Task instructions:
The reply should contain all the data below, repeated exactly, and none of the images.

[Recorded data]

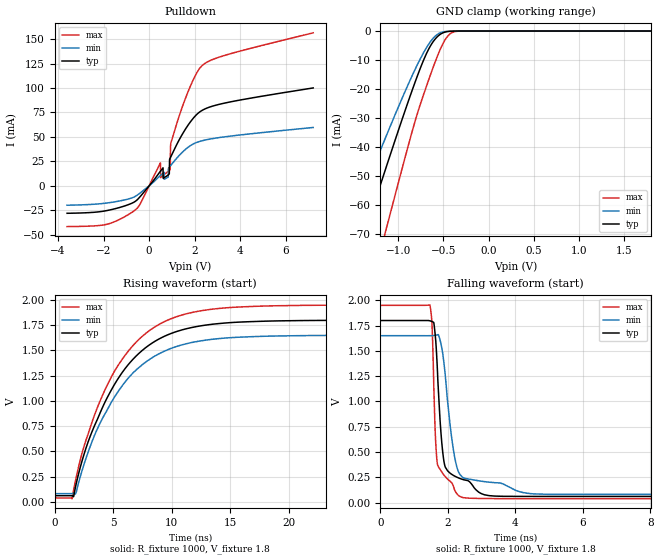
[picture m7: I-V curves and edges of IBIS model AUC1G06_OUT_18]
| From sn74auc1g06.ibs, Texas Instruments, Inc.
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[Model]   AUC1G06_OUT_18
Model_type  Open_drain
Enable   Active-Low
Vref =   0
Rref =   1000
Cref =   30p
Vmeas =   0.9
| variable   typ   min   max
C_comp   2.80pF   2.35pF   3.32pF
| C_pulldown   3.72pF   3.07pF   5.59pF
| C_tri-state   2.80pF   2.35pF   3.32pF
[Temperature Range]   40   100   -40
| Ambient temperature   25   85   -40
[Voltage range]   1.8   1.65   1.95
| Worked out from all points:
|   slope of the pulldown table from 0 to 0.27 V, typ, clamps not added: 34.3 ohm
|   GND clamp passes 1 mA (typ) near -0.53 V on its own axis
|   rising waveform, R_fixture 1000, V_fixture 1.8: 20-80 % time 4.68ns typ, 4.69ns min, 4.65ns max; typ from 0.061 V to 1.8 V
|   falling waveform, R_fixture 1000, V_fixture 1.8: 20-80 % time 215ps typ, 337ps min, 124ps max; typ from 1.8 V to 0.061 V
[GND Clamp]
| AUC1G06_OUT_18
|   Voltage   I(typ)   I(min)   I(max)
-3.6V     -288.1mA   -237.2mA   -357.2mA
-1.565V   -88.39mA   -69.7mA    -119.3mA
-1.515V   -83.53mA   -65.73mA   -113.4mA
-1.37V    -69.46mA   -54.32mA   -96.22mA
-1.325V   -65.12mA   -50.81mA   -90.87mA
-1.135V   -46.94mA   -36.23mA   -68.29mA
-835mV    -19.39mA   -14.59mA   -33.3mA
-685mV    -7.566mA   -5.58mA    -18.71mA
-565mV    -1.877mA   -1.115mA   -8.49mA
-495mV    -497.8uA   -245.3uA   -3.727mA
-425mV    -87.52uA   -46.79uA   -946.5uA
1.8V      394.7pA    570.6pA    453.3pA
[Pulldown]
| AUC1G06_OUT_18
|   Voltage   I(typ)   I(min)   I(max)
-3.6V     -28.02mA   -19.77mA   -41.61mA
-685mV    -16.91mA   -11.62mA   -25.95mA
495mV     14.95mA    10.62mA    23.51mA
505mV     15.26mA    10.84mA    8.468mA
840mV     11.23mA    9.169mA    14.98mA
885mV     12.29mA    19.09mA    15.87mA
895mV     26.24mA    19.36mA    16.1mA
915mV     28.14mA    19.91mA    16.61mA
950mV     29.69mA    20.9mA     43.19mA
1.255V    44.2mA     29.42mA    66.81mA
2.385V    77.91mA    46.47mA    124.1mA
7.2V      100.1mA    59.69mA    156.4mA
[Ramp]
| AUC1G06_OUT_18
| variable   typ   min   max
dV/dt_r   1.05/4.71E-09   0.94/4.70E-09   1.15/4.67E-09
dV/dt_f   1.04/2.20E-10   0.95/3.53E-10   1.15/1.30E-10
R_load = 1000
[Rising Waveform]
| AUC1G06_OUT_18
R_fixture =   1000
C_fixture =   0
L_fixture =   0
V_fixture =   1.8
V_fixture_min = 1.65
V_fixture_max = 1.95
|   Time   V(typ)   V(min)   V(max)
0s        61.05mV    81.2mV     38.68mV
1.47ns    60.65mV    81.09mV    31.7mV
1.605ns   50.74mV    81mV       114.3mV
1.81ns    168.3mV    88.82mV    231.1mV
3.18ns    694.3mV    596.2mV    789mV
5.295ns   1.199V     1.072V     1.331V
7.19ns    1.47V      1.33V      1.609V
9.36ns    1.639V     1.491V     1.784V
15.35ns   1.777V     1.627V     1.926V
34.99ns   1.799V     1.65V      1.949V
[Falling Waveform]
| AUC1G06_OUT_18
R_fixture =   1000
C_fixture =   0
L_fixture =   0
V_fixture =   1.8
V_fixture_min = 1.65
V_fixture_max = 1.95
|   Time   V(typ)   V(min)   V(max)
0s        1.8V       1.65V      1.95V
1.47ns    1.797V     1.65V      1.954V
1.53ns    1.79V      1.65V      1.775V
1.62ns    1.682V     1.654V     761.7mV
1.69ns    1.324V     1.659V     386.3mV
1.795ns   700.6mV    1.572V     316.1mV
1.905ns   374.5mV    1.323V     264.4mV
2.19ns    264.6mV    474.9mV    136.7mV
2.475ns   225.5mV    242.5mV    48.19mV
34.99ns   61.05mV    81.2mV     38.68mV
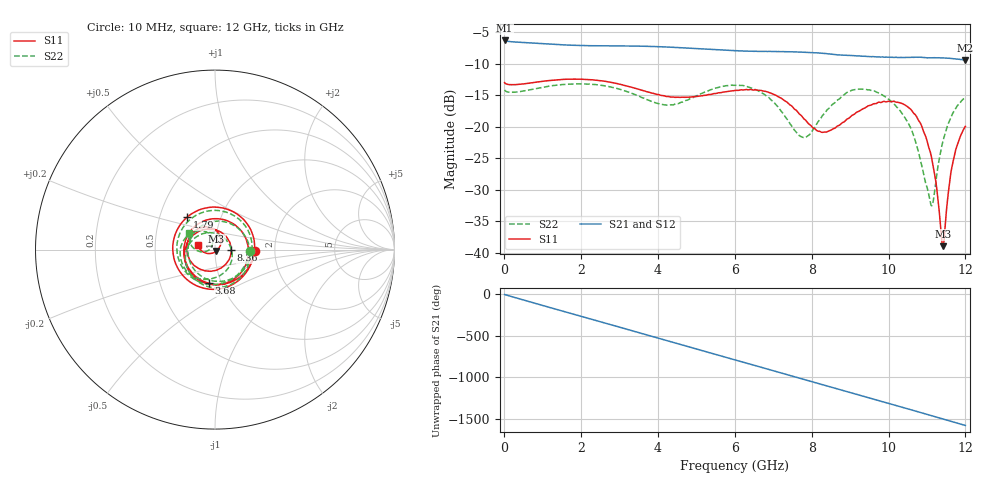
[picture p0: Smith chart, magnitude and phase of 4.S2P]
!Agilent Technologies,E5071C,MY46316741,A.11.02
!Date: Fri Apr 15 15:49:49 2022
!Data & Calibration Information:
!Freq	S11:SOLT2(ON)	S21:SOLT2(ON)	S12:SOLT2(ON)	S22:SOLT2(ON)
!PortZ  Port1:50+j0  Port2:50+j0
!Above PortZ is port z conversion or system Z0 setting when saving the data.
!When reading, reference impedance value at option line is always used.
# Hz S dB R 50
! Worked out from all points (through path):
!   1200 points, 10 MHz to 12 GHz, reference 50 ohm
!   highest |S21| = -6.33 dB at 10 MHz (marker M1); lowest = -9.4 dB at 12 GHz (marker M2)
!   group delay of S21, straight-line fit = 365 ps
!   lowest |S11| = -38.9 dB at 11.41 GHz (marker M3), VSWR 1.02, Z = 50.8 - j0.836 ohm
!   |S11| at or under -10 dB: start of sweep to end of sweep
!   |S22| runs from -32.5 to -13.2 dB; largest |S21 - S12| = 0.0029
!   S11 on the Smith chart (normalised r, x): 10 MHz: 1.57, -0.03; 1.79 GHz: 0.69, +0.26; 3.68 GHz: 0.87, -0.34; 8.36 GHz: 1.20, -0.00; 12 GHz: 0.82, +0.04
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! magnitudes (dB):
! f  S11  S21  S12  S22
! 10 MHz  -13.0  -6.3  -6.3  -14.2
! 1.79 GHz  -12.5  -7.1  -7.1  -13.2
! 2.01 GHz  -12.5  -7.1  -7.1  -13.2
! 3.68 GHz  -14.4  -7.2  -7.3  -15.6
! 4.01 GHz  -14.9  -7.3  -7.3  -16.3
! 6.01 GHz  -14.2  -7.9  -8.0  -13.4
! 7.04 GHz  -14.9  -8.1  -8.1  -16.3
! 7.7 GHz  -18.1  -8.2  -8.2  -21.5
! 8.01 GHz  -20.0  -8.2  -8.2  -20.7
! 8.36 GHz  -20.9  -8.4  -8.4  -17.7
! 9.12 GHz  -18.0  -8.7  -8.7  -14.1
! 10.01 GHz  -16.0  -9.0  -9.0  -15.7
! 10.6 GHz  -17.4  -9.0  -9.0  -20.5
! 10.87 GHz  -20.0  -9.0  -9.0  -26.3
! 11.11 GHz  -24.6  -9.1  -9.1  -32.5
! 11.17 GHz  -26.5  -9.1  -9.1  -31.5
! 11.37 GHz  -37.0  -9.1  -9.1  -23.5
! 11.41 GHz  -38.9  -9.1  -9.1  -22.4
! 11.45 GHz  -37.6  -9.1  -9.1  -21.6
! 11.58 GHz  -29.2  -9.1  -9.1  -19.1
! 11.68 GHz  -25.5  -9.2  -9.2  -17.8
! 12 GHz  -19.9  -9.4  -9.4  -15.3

Exercise response:
[picture m7: I-V curves and edges of IBIS model AUC1G06_OUT_18]
| From sn74auc1g06.ibs, Texas Instruments, Inc.
[Model]   AUC1G06_OUT_18
Model_type  Open_drain
Enable   Active-Low
Vref =   0
Rref =   1000
Cref =   30p
Vmeas =   0.9
| variable   typ   min   max
C_comp   2.80pF   2.35pF   3.32pF
| C_pulldown   3.72pF   3.07pF   5.59pF
| C_tri-state   2.80pF   2.35pF   3.32pF
[Temperature Range]   40   100   -40
| Ambient temperature   25   85   -40
[Voltage range]   1.8   1.65   1.95
| Worked out from all points:
|   slope of the pulldown table from 0 to 0.27 V, typ, clamps not added: 34.3 ohm
|   GND clamp passes 1 mA (typ) near -0.53 V on its own axis
|   rising waveform, R_fixture 1000, V_fixture 1.8: 20-80 % time 4.68ns typ, 4.69ns min, 4.65ns max; typ from 0.061 V to 1.8 V
|   falling waveform, R_fixture 1000, V_fixture 1.8: 20-80 % time 215ps typ, 337ps min, 124ps max; typ from 1.8 V to 0.061 V
[GND Clamp]
| AUC1G06_OUT_18
|   Voltage   I(typ)   I(min)   I(max)
-3.6V     -288.1mA   -237.2mA   -357.2mA
-1.565V   -88.39mA   -69.7mA    -119.3mA
-1.515V   -83.53mA   -65.73mA   -113.4mA
-1.37V    -69.46mA   -54.32mA   -96.22mA
-1.325V   -65.12mA   -50.81mA   -90.87mA
-1.135V   -46.94mA   -36.23mA   -68.29mA
-835mV    -19.39mA   -14.59mA   -33.3mA
-685mV    -7.566mA   -5.58mA    -18.71mA
-565mV    -1.877mA   -1.115mA   -8.49mA
-495mV    -497.8uA   -245.3uA   -3.727mA
-425mV    -87.52uA   -46.79uA   -946.5uA
1.8V      394.7pA    570.6pA    453.3pA
[Pulldown]
| AUC1G06_OUT_18
|   Voltage   I(typ)   I(min)   I(max)
-3.6V     -28.02mA   -19.77mA   -41.61mA
-685mV    -16.91mA   -11.62mA   -25.95mA
495mV     14.95mA    10.62mA    23.51mA
505mV     15.26mA    10.84mA    8.468mA
840mV     11.23mA    9.169mA    14.98mA
885mV     12.29mA    19.09mA    15.87mA
895mV     26.24mA    19.36mA    16.1mA
915mV     28.14mA    19.91mA    16.61mA
950mV     29.69mA    20.9mA     43.19mA
1.255V    44.2mA     29.42mA    66.81mA
2.385V    77.91mA    46.47mA    124.1mA
7.2V      100.1mA    59.69mA    156.4mA
[Ramp]
| AUC1G06_OUT_18
| variable   typ   min   max
dV/dt_r   1.05/4.71E-09   0.94/4.70E-09   1.15/4.67E-09
dV/dt_f   1.04/2.20E-10   0.95/3.53E-10   1.15/1.30E-10
R_load = 1000
[Rising Waveform]
| AUC1G06_OUT_18
R_fixture =   1000
C_fixture =   0
L_fixture =   0
V_fixture =   1.8
V_fixture_min = 1.65
V_fixture_max = 1.95
|   Time   V(typ)   V(min)   V(max)
0s        61.05mV    81.2mV     38.68mV
1.47ns    60.65mV    81.09mV    31.7mV
1.605ns   50.74mV    81mV       114.3mV
1.81ns    168.3mV    88.82mV    231.1mV
3.18ns    694.3mV    596.2mV    789mV
5.295ns   1.199V     1.072V     1.331V
7.19ns    1.47V      1.33V      1.609V
9.36ns    1.639V     1.491V     1.784V
15.35ns   1.777V     1.627V     1.926V
34.99ns   1.799V     1.65V      1.949V
[Falling Waveform]
| AUC1G06_OUT_18
R_fixture =   1000
C_fixture =   0
L_fixture =   0
V_fixture =   1.8
V_fixture_min = 1.65
V_fixture_max = 1.95
|   Time   V(typ)   V(min)   V(max)
0s        1.8V       1.65V      1.95V
1.47ns    1.797V     1.65V      1.954V
1.53ns    1.79V      1.65V      1.775V
1.62ns    1.682V     1.654V     761.7mV
1.69ns    1.324V     1.659V     386.3mV
1.795ns   700.6mV    1.572V     316.1mV
1.905ns   374.5mV    1.323V     264.4mV
2.19ns    264.6mV    474.9mV    136.7mV
2.475ns   225.5mV    242.5mV    48.19mV
34.99ns   61.05mV    81.2mV     38.68mV
[picture p0: Smith chart, magnitude and phase of 4.S2P]
!Agilent Technologies,E5071C,MY46316741,A.11.02
!Date: Fri Apr 15 15:49:49 2022
!Data & Calibration Information:
!Freq	S11:SOLT2(ON)	S21:SOLT2(ON)	S12:SOLT2(ON)	S22:SOLT2(ON)
!PortZ  Port1:50+j0  Port2:50+j0
!Above PortZ is port z conversion or system Z0 setting when saving the data.
!When reading, reference impedance value at option line is always used.
# Hz S dB R 50
! Worked out from all points (through path):
!   1200 points, 10 MHz to 12 GHz, reference 50 ohm
!   highest |S21| = -6.33 dB at 10 MHz (marker M1); lowest = -9.4 dB at 12 GHz (marker M2)
!   group delay of S21, straight-line fit = 365 ps
!   lowest |S11| = -38.9 dB at 11.41 GHz (marker M3), VSWR 1.02, Z = 50.8 - j0.836 ohm
!   |S11| at or under -10 dB: start of sweep to end of sweep
!   |S22| runs from -32.5 to -13.2 dB; largest |S21 - S12| = 0.0029
!   S11 on the Smith chart (normalised r, x): 10 MHz: 1.57, -0.03; 1.79 GHz: 0.69, +0.26; 3.68 GHz: 0.87, -0.34; 8.36 GHz: 1.20, -0.00; 12 GHz: 0.82, +0.04
! magnitudes (dB):
! f  S11  S21  S12  S22
! 10 MHz  -13.0  -6.3  -6.3  -14.2
! 1.79 GHz  -12.5  -7.1  -7.1  -13.2
! 2.01 GHz  -12.5  -7.1  -7.1  -13.2
! 3.68 GHz  -14.4  -7.2  -7.3  -15.6
! 4.01 GHz  -14.9  -7.3  -7.3  -16.3
! 6.01 GHz  -14.2  -7.9  -8.0  -13.4
! 7.04 GHz  -14.9  -8.1  -8.1  -16.3
! 7.7 GHz  -18.1  -8.2  -8.2  -21.5
! 8.01 GHz  -20.0  -8.2  -8.2  -20.7
! 8.36 GHz  -20.9  -8.4  -8.4  -17.7
! 9.12 GHz  -18.0  -8.7  -8.7  -14.1
! 10.01 GHz  -16.0  -9.0  -9.0  -15.7
! 10.6 GHz  -17.4  -9.0  -9.0  -20.5
! 10.87 GHz  -20.0  -9.0  -9.0  -26.3
! 11.11 GHz  -24.6  -9.1  -9.1  -32.5
! 11.17 GHz  -26.5  -9.1  -9.1  -31.5
! 11.37 GHz  -37.0  -9.1  -9.1  -23.5
! 11.41 GHz  -38.9  -9.1  -9.1  -22.4
! 11.45 GHz  -37.6  -9.1  -9.1  -21.6
! 11.58 GHz  -29.2  -9.1  -9.1  -19.1
! 11.68 GHz  -25.5  -9.2  -9.2  -17.8
! 12 GHz  -19.9  -9.4  -9.4  -15.3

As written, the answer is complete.